La artroscopia es una cirugía donde se trabaja dentro de la articulación con una cámara y herramientas finas. El objetivo es reducir el dolor, recuperar función y corregir alteraciones mecánicas que generan fricción y desgaste entre huesos.
Procedimiento con cámara diminuta y técnica mínimamente invasiva
El equipo quirúrgico introduce un artroscopio (cámara pequeña) a través de incisiones cortas, por lo general de alrededor de un centímetro. Por esas mismas entradas se colocan instrumentos para reparar, recortar, limpiar o remodelar tejido dañado.
Se realiza con anestesia general o regional, según lo que se decida en la evaluación. La cámara permite examinar con precisión cartílago, labrum acetabular, ligamentos, tendones y otras estructuras internas, identificando el origen del dolor y la rigidez con más exactitud que solo con examen físico.
Diferencias con la cirugía abierta de cadera
Frente a la cirugía abierta, la artroscopia implica heridas más pequeñas y menor agresión a músculos y tejidos blandos. Esto suele traducirse en menos dolor en el postoperatorio, menor riesgo de infección y un retorno más rápido a actividades del día a día.
En la práctica clínica se observa que muchos pacientes logran avanzar en su rehabilitación en menos tiempo que con técnicas abiertas, y la literatura reporta retornos más tempranos a la actividad en casos seleccionados.
¿En qué casos se considera la artroscopia de cadera?
No todo dolor de cadera necesita cirugía. La artroscopia se plantea cuando hay sospecha de un problema estructural dentro de la articulación y los síntomas afectan la vida diaria, pese al tratamiento inicial.
Dolor persistente en cadera, ingle y muslo
Una señal típica es el dolor que se localiza en la parte anterior de la cadera o en la ingle, y que a veces se irradia al muslo. Puede aumentar al caminar, correr, agacharse, girar o tras estar sentado por rato. Muchas personas también describen rigidez al levantarse y molestias al hacer movimientos de rotación interna.
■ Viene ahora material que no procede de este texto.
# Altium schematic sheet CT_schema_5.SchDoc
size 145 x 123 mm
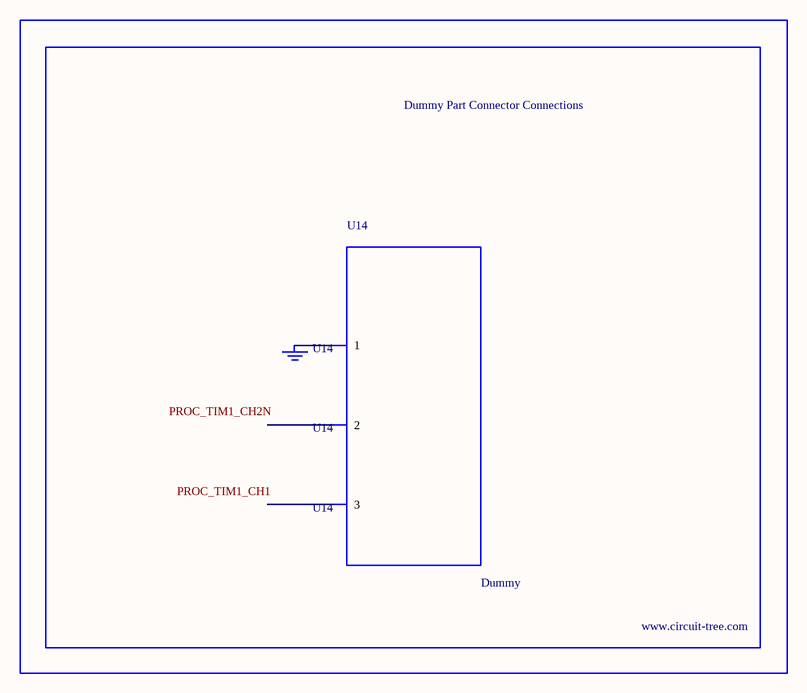
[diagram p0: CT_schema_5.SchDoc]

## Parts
BORDER4  (no value)
GND_INSTANCE_4_0  (no value)
U14  Dummy  [DUMMY_PACKAGE_132]

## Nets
NetGND_INSTANCE_4_0_0: GND_INSTANCE_4_0.0(GND) U14.1

Not connected (* = marked no-connect by the designer): U14 2 3

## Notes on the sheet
- Labels drawn without touching a wire or pin: PROC_TIM1_CH1, PROC_TIM1_CH2N

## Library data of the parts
BORDER4 = BORDER_PAGE4
GND_INSTANCE_4_0 = GND
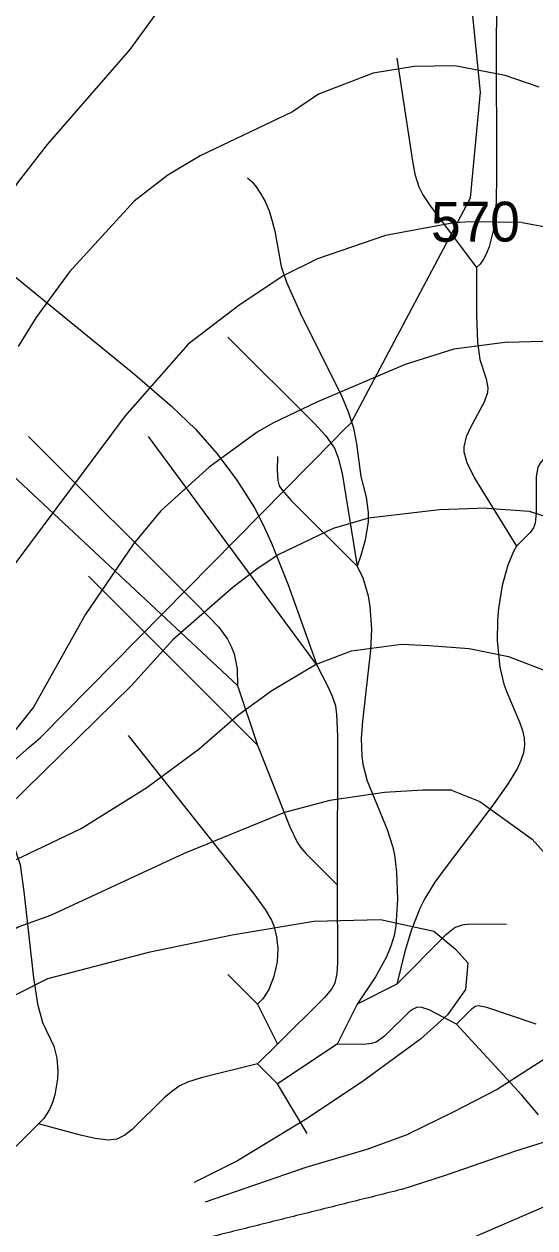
# Model space of a CAD drawing. Extents: x -709584 to -702006, y -1161789 to -1157496.
# Drawn here: x -706590.6 to -706462.3, y -1158463.2 to -1158160.9 of the extents above; entities that cross this region are included whole.
import ezdxf

# ---------------------------------------------------------------- set-up
doc = ezdxf.new("R2010")
doc.units = 0
for name, color, linetype in [('120_vrstevnice hlavní', 7, 'Continuous'), ('121_vrstevnice hlavní_popis', 7, 'Continuous'), ('122_vrstevnice základní', 7, 'Continuous'), ('408_BPEJ_linie', 7, 'Continuous'), ('411_akumulovaný odtok', 7, 'Continuous')]:
    doc.layers.add(name, color=color, linetype=linetype)

msp = doc.modelspace()

# ---------------------------------------------------------------- linework, layer by layer
at = {"layer": '120_vrstevnice hlavní'}
for points in [[(-706465.49, -1158210.75), (-706478.4, -1158210.55), (-706482.68, -1158210.83), (-706499.82, -1158213.98), (-706516.97, -1158219.83), (-706525.54, -1158224.12), (-706536.68, -1158231.55), (-706549.4, -1158241.26), (-706565.26, -1158259.27), (-706592.97, -1158296.41), (-706602.69, -1158311.7), (-706614.66, -1158334.43)], [(-706465.49, -1158210.75), (-706457.4, -1158212.2), (-706445.84, -1158215.99), (-706434.55, -1158221.69), (-706425.49, -1158219.2), (-706412.53, -1158232.56)], [(-706653.83, -1158481.13), (-706653.45, -1158468.69), (-706650.37, -1158458.2), (-706642.97, -1158447.7), (-706630.4, -1158433.27), (-706622.4, -1158425.42), (-706611.26, -1158415.99), (-706598.97, -1158407.7), (-706584.69, -1158400.56), (-706558.97, -1158393.84), (-706538.4, -1158389.56), (-706517.83, -1158386.13), (-706501.08, -1158385.71), (-706487.69, -1158388.66)], [(-706487.68, -1158388.66), (-706482.23, -1158393.17), (-706479.17, -1158396.59), (-706479.74, -1158403.27), (-706484.32, -1158409.65), (-706491.07, -1158415.78)], [(-706491.07, -1158415.78), (-706505.68, -1158426.47), (-706519.97, -1158435.98), (-706537.01, -1158446.36), (-706547.91, -1158451.77)]]:
    msp.add_lwpolyline(points, dxfattribs=at)
for points in [[(-706465.49, -1158210.75), (-706465.49, -1158210.75)], [(-706487.69, -1158388.66), (-706487.68, -1158388.66)], [(-706491.07, -1158415.78), (-706491.07, -1158415.78)]]:
    msp.add_open_spline(points, degree=1, dxfattribs=at)
at = {"layer": '122_vrstevnice základní'}
for points in [[(-706552.83, -1158151.83), (-706564.11, -1158167.26), (-706584.83, -1158191.12), (-706592.11, -1158200.55), (-706599.97, -1158212.41), (-706602.97, -1158220.98), (-706624.26, -1158271.27), (-706627.26, -1158279.84), (-706638.55, -1158305.55), (-706651.4, -1158329.27), (-706658.69, -1158339.84), (-706668.83, -1158351.7), (-706682.98, -1158366.41), (-706692.41, -1158377.41), (-706703.83, -1158388.7), (-706708.12, -1158392.13), (-706719.26, -1158399.42), (-706726.12, -1158402.7), (-706735.26, -1158405.99), (-706746.69, -1158408.7), (-706776.41, -1158413.42), (-706815.27, -1158417.84)], [(-706461.25, -1158176.73), (-706469.82, -1158173.83), (-706482.4, -1158171.4), (-706492.68, -1158171.55), (-706502.97, -1158173.26), (-706516.68, -1158178.55), (-706523.25, -1158182.98), (-706546.4, -1158193.98), (-706554.54, -1158198.83), (-706562.97, -1158205.41), (-706579.26, -1158223.12), (-706587.69, -1158234.69), (-706592.11, -1158241.83)], [(-706469.24, -1158240.81), (-706482.65, -1158242.55), (-706494.93, -1158246.35), (-706517.07, -1158255.84), (-706528.11, -1158261.12), (-706532.11, -1158263.41), (-706544.11, -1158272.12), (-706556.26, -1158283.12), (-706563.11, -1158291.41), (-706575.26, -1158309.27), (-706588.26, -1158332.41), (-706595.83, -1158341.84), (-706612.97, -1158355.98), (-706639.26, -1158375.84), (-706649.83, -1158385.27), (-706657.69, -1158393.56)], [(-706469.24, -1158240.81), (-706460.4, -1158240.52), (-706453.02, -1158242.71), (-706447.99, -1158245.29), (-706441.27, -1158250.72), (-706410.95, -1158280.04), (-706409.09, -1158280.04), (-706402.66, -1158277.46)], [(-706474.44, -1158282.48), (-706486.25, -1158282.84), (-706504.11, -1158284.98), (-706512.97, -1158287.55), (-706526.68, -1158294.12), (-706531.83, -1158297.55), (-706538.11, -1158302.27), (-706553.26, -1158315.55), (-706563.68, -1158326.98), (-706594.83, -1158357.55), (-706609.12, -1158368.98), (-706630.12, -1158383.84), (-706647.83, -1158399.56), (-706659.26, -1158412.42), (-706670.4, -1158426.99), (-706674.94, -1158439.37)], [(-706474.44, -1158282.48), (-706463.78, -1158283.21), (-706453.71, -1158286.47)], [(-706670.07, -1158442.06), (-706660.69, -1158428.27), (-706640.55, -1158405.13), (-706618.12, -1158386.99), (-706598.97, -1158373.7), (-706576.26, -1158362.84), (-706559.83, -1158352.55), (-706546.68, -1158342.84), (-706536.97, -1158334.41), (-706528.4, -1158328.27), (-706517.4, -1158321.7), (-706508.4, -1158318.27), (-706495.81, -1158316.6), (-706488.9, -1158316.93), (-706478.84, -1158317.72)], [(-706478.84, -1158317.72), (-706468.97, -1158319.7), (-706457.01, -1158324.28), (-706449.83, -1158329.47), (-706437.41, -1158339.1), (-706429.26, -1158344.82), (-706403.71, -1158361.71), (-706400.98, -1158365.5), (-706401.01, -1158367.37), (-706401.25, -1158372.12), (-706401.89, -1158381.39), (-706402.9, -1158393.27), (-706403.74, -1158401.54), (-706405.96, -1158409.64), (-706409.39, -1158417.05), (-706413.85, -1158423.43), (-706418.49, -1158428.43), (-706424, -1158431.72), (-706430.71, -1158434.14), (-706437.07, -1158436.05), (-706450.38, -1158438.66), (-706467.24, -1158443.87), (-706484.62, -1158449.93), (-706495.77, -1158453.5)], [(-706483.27, -1158353.28), (-706490.46, -1158353.23), (-706500.11, -1158353.84), (-706513.83, -1158355.84), (-706525.25, -1158358.84), (-706550.4, -1158369.13), (-706583.97, -1158384.7), (-706591.97, -1158387.56), (-706614.12, -1158400.41), (-706629.12, -1158411.99), (-706643.83, -1158425.56), (-706650.4, -1158432.7), (-706657.64, -1158442.72), (-706661.83, -1158450.54), (-706661.83, -1158461.15)], [(-706483.27, -1158353.28), (-706476.13, -1158356.08), (-706462.99, -1158365.58), (-706453.14, -1158376.57), (-706447.28, -1158385.73), (-706444.87, -1158391.85), (-706444.69, -1158396.68), (-706445.88, -1158402.36), (-706448.8, -1158408.05), (-706453.09, -1158414.61), (-706459.45, -1158420.48), (-706471.84, -1158428.44), (-706483.03, -1158434.15), (-706494.03, -1158439.56)], [(-706545.07, -1158456.62), (-706519.81, -1158447.95), (-706504.49, -1158443.43), (-706494.16, -1158439.62)], [(-706454.57, -1158455.55), (-706498.38, -1158474.44)]]:
    msp.add_lwpolyline(points, dxfattribs=at)
for points in [[(-706469.24, -1158240.81), (-706469.24, -1158240.81)], [(-706474.44, -1158282.48), (-706474.44, -1158282.48)], [(-706478.84, -1158317.72), (-706478.84, -1158317.72)], [(-706483.27, -1158353.28), (-706483.27, -1158353.28)], [(-706494.03, -1158439.56), (-706494.16, -1158439.62)], [(-706495.88, -1158453.53), (-706544.07, -1158465.52)], [(-706495.77, -1158453.5), (-706495.88, -1158453.53)]]:
    msp.add_open_spline(points, degree=1, dxfattribs=at)
at = {"layer": '408_BPEJ_linie'}
msp.add_lwpolyline([(-706726, -1158488.5), (-706694, -1158443.5), (-706687.01, -1158436.02), (-706685.49, -1158434.4), (-706668.46, -1158416.19), (-706662.77, -1158410.1), (-706658.54, -1158405.59), (-706643.74, -1158389.75), (-706643.5, -1158389.5), (-706603.24, -1158354.54), (-706598.99, -1158350.84), (-706596.83, -1158348.97), (-706589.4, -1158342.52), (-706586.5, -1158340), (-706512.81, -1158265.37), (-706510.54, -1158263.06), (-706508.5, -1158261), (-706480.2, -1158207.71), (-706478.5, -1158204.5), (-706476, -1158178), (-706478, -1158158)], dxfattribs=at)
at = {"layer": '411_akumulovaný odtok'}
for p, q in [((-706611.99, -1158257), (-706536.99, -1158327)), ((-706559.49, -1158264.5), (-706516.99, -1158322)), ((-706574.49, -1158299.5), (-706531.99, -1158342)), ((-706536.99, -1158327), (-706531.99, -1158342)), ((-706539.49, -1158399.5), (-706531.99, -1158407)), ((-706496.99, -1158402), (-706506.99, -1158407)), ((-706531.99, -1158407), (-706526.99, -1158417)), ((-706506.99, -1158407), (-706511.99, -1158417)), ((-706526.99, -1158417), (-706531.99, -1158422)), ((-706511.99, -1158417), (-706526.99, -1158427)), ((-706526.99, -1158427), (-706531.99, -1158422)), ((-706519.49, -1158439.5), (-706526.99, -1158427)), ((-706586.99, -1158437), (-706601.99, -1158452))]:
    msp.add_line(p, q, dxfattribs=at)
for points in [[(-706459.49, -1158134.5), (-706464.81, -1158141.61), (-706468.69, -1158147.38), (-706470.41, -1158150.72), (-706471.41, -1158154.05), (-706471.87, -1158157.61), (-706472.08, -1158163.12), (-706471.96, -1158200.3), (-706472.1, -1158207.93), (-706472.69, -1158212.47), (-706473.81, -1158216.83), (-706474.57, -1158218.67), (-706475.36, -1158220.1), (-706476.11, -1158221.16), (-706476.99, -1158222)], [(-706496.99, -1158169.5), (-706493.1, -1158195.31), (-706492.46, -1158198.62), (-706491.5, -1158201.8), (-706490.5, -1158203.77), (-706488.66, -1158206.58), (-706476.99, -1158222)], [(-706534.49, -1158199.5), (-706533.37, -1158200.54), (-706532.35, -1158201.8), (-706531.21, -1158203.48), (-706530.08, -1158205.5), (-706529.1, -1158207.84), (-706528.31, -1158210.36), (-706527.68, -1158212.93), (-706526.03, -1158221.77), (-706524.73, -1158225.72), (-706521.26, -1158233.43), (-706510.85, -1158254.42), (-706509.21, -1158258.3), (-706507.92, -1158262.25), (-706507.13, -1158266.34), (-706506.01, -1158274.48), (-706504.72, -1158279.68), (-706504.17, -1158283.54), (-706504.22, -1158285.87), (-706504.96, -1158290.48), (-706506.03, -1158294.34), (-706506.99, -1158297)], [(-706598.1, -1158220.23), (-706562.83, -1158248.87), (-706553.49, -1158256.93), (-706547.61, -1158262.62), (-706542.17, -1158268.83), (-706537.21, -1158275.42), (-706532.79, -1158282.37), (-706530.66, -1158286.48), (-706528.49, -1158291.25), (-706524.28, -1158301.71), (-706516.99, -1158322)], [(-706476.99, -1158222), (-706476.99, -1158234.03), (-706476.74, -1158240.77), (-706476.14, -1158245.17), (-706474.55, -1158249.99), (-706474.13, -1158252.21), (-706474.26, -1158253.41), (-706475.09, -1158255.83), (-706478.46, -1158262.02), (-706479.62, -1158264.52), (-706480.21, -1158267.04), (-706480.15, -1158268.34), (-706479.44, -1158270.95), (-706477.53, -1158274.89), (-706466.99, -1158292)], [(-706539.49, -1158239.5), (-706517.57, -1158261.26), (-706514.9, -1158264.19), (-706512.7, -1158267.37), (-706511.71, -1158269.82), (-706510.73, -1158273.76), (-706506.99, -1158297)], [(-706589.49, -1158264.5), (-706547.43, -1158306.48), (-706541.73, -1158312.37), (-706539.57, -1158315.37), (-706538.63, -1158317.15), (-706537.89, -1158319.03), (-706537.1, -1158322.82), (-706536.99, -1158327)], [(-706454.49, -1158264.5), (-706459.87, -1158269.76), (-706461, -1158271.17), (-706461.55, -1158272.18), (-706461.99, -1158274.61), (-706461.98, -1158283.75), (-706462.24, -1158286.25), (-706462.67, -1158287.37), (-706463.51, -1158288.54), (-706466.99, -1158292)], [(-706526.99, -1158269.5), (-706527.06, -1158272.88), (-706526.89, -1158275.48), (-706526.52, -1158276.81), (-706525.84, -1158277.95), (-706523.53, -1158280.52), (-706506.99, -1158297)], [(-706466.99, -1158292), (-706467.69, -1158293.3), (-706469.11, -1158296.8), (-706470.53, -1158301.85), (-706471.46, -1158307.66), (-706471.71, -1158310.56), (-706471.79, -1158315.73), (-706471.12, -1158322.37), (-706470.13, -1158326.62), (-706469.41, -1158328.65), (-706466.09, -1158336.39), (-706465.45, -1158338.26), (-706465.03, -1158340.13), (-706464.92, -1158341.97), (-706465.21, -1158343.91), (-706465.84, -1158345.83), (-706466.72, -1158347.75), (-706469, -1158351.56), (-706473.06, -1158357.26), (-706484.65, -1158372.49), (-706487.42, -1158376.36), (-706490, -1158380.48), (-706491.25, -1158383), (-706493.38, -1158388.52), (-706495.06, -1158394.12), (-706496.99, -1158402)], [(-706506.99, -1158297), (-706505.58, -1158299.97), (-706504.24, -1158304.43), (-706503.77, -1158307.12), (-706503.38, -1158312.81), (-706503.58, -1158318.11), (-706505.66, -1158335.9), (-706505.93, -1158340.3), (-706505.82, -1158344.63), (-706505.54, -1158346.76), (-706504.43, -1158350.91), (-706499.44, -1158363.13), (-706498.1, -1158367.3), (-706497.63, -1158369.46), (-706497.08, -1158373.88), (-706496.85, -1158380.61), (-706497.22, -1158387.32), (-706497.7, -1158389.78), (-706498.5, -1158392.41), (-706499.61, -1158395.07), (-706502.35, -1158400.13), (-706506.99, -1158407)], [(-706516.99, -1158322), (-706514.42, -1158327.02), (-706513.24, -1158329.69), (-706512.45, -1158332.11), (-706512.13, -1158334.23), (-706511.94, -1158339.68), (-706511.99, -1158377)], [(-706564.49, -1158339.5), (-706532.94, -1158379.27), (-706530.1, -1158383.2), (-706528.51, -1158385.92), (-706527.9, -1158387.35), (-706527.19, -1158390.1), (-706526.89, -1158392.97), (-706527.08, -1158396.36), (-706527.86, -1158400.02), (-706529.16, -1158403.33), (-706530.66, -1158405.63), (-706531.99, -1158407)], [(-706531.99, -1158342), (-706523.84, -1158362.48), (-706522.14, -1158366.15), (-706521.29, -1158367.47), (-706519.79, -1158369.25), (-706511.99, -1158377)], [(-706599.49, -1158359.5), (-706597.95, -1158360.97), (-706595.92, -1158363.28), (-706593.85, -1158366.33), (-706592.91, -1158368.21), (-706591.65, -1158372), (-706590.66, -1158378.66), (-706588.29, -1158400.36), (-706587.29, -1158406.91), (-706585.99, -1158411.55), (-706583.2, -1158417.54), (-706582.43, -1158420.55), (-706582.14, -1158423.82), (-706582.23, -1158425.74), (-706582.94, -1158429.77), (-706583.53, -1158431.69), (-706584.28, -1158433.41), (-706585.7, -1158435.67), (-706586.99, -1158437)], [(-706511.99, -1158377), (-706511.89, -1158396.69), (-706512.04, -1158399.3), (-706512.61, -1158401.75), (-706513.45, -1158403.24), (-706515.15, -1158405.31), (-706526.99, -1158417)], [(-706469.49, -1158387), (-706478.73, -1158386.92), (-706480.63, -1158387.11), (-706482.35, -1158387.73), (-706484.83, -1158389.75), (-706496.99, -1158402)], [(-706461.99, -1158412), (-706474.43, -1158407.81), (-706476.5, -1158407.4), (-706477.24, -1158407.55), (-706478.25, -1158408.2), (-706481.99, -1158412)], [(-706481.99, -1158412), (-706488.89, -1158408.41), (-706490.71, -1158407.8), (-706491.86, -1158407.77), (-706492.89, -1158408.2), (-706493.88, -1158408.93), (-706500.09, -1158415.06), (-706502.18, -1158416.52), (-706503.37, -1158416.88), (-706505.3, -1158417.09), (-706511.99, -1158417)], [(-706461.4, -1158434.73), (-706465.57, -1158429.84), (-706481.99, -1158412)], [(-706531.99, -1158422), (-706546.16, -1158425.45), (-706549.55, -1158426.58), (-706551.67, -1158427.6), (-706553.64, -1158429), (-706555.5, -1158430.62), (-706563.48, -1158438.45), (-706565.33, -1158439.89), (-706567.31, -1158440.87), (-706569.42, -1158441.15), (-706572.81, -1158440.75), (-706576.49, -1158439.89), (-706586.99, -1158437)]]:
    msp.add_lwpolyline(points, dxfattribs=at)

# ---------------------------------------------------------------- texts
at = {"layer": '121_vrstevnice hlavní_popis'}
msp.add_text('570', height=10, rotation=0.1724, dxfattribs=at).set_placement((-706488.4, -1158215.57))

doc.saveas('drawing.dxf')

Cuando el dolor se vuelve repetitivo, aparece sensación de chasquido, bloqueo o inseguridad al mover la cadera, conviene una evaluación completa para descartar pinzamiento de cadera, labrum roto u otras causas intraarticulares.
Falta de respuesta al tratamiento conservador y fisioterapia
Suele indicarse artroscopia cuando un plan bien llevado de fisioterapia y modificación de actividad no logra controlar el dolor tras varios meses. Si a pesar de ejercicios guiados, control de cargas y uso prudente de medicamentos, el malestar sigue y limita, es posible que haya exceso de hueso, pedazos de hueso sueltos, lesión del cartílago u otra alteración que requiera corrección directa.
Limitación funcional y rigidez articular
La pérdida progresiva del rango de movimiento, sobre todo en flexión y rotación interna, puede apuntar a un problema mecánico como el pinzamiento femoroacetabular. Es común que se complique ponerse calcetines, sentarse y pararse de asientos bajos, entrar o salir del auto o subir escaleras sin dolor.
Problemas principales que trata la artroscopia de cadera
El procedimiento se adapta al diagnóstico. En una misma cirugía se pueden tratar varias lesiones si se confirma que están contribuyendo al dolor.
Pinzamiento femoroacetabular y exceso de hueso
El pinzamiento femoroacetabular ocurre cuando hay un contacto anormal entre la cabeza del fémur y el acetábulo, muchas veces por exceso de hueso en una o ambas superficies. Ese roce repetido puede dañar el labrum y el cartílago con el tiempo, aumentando el riesgo de artritis.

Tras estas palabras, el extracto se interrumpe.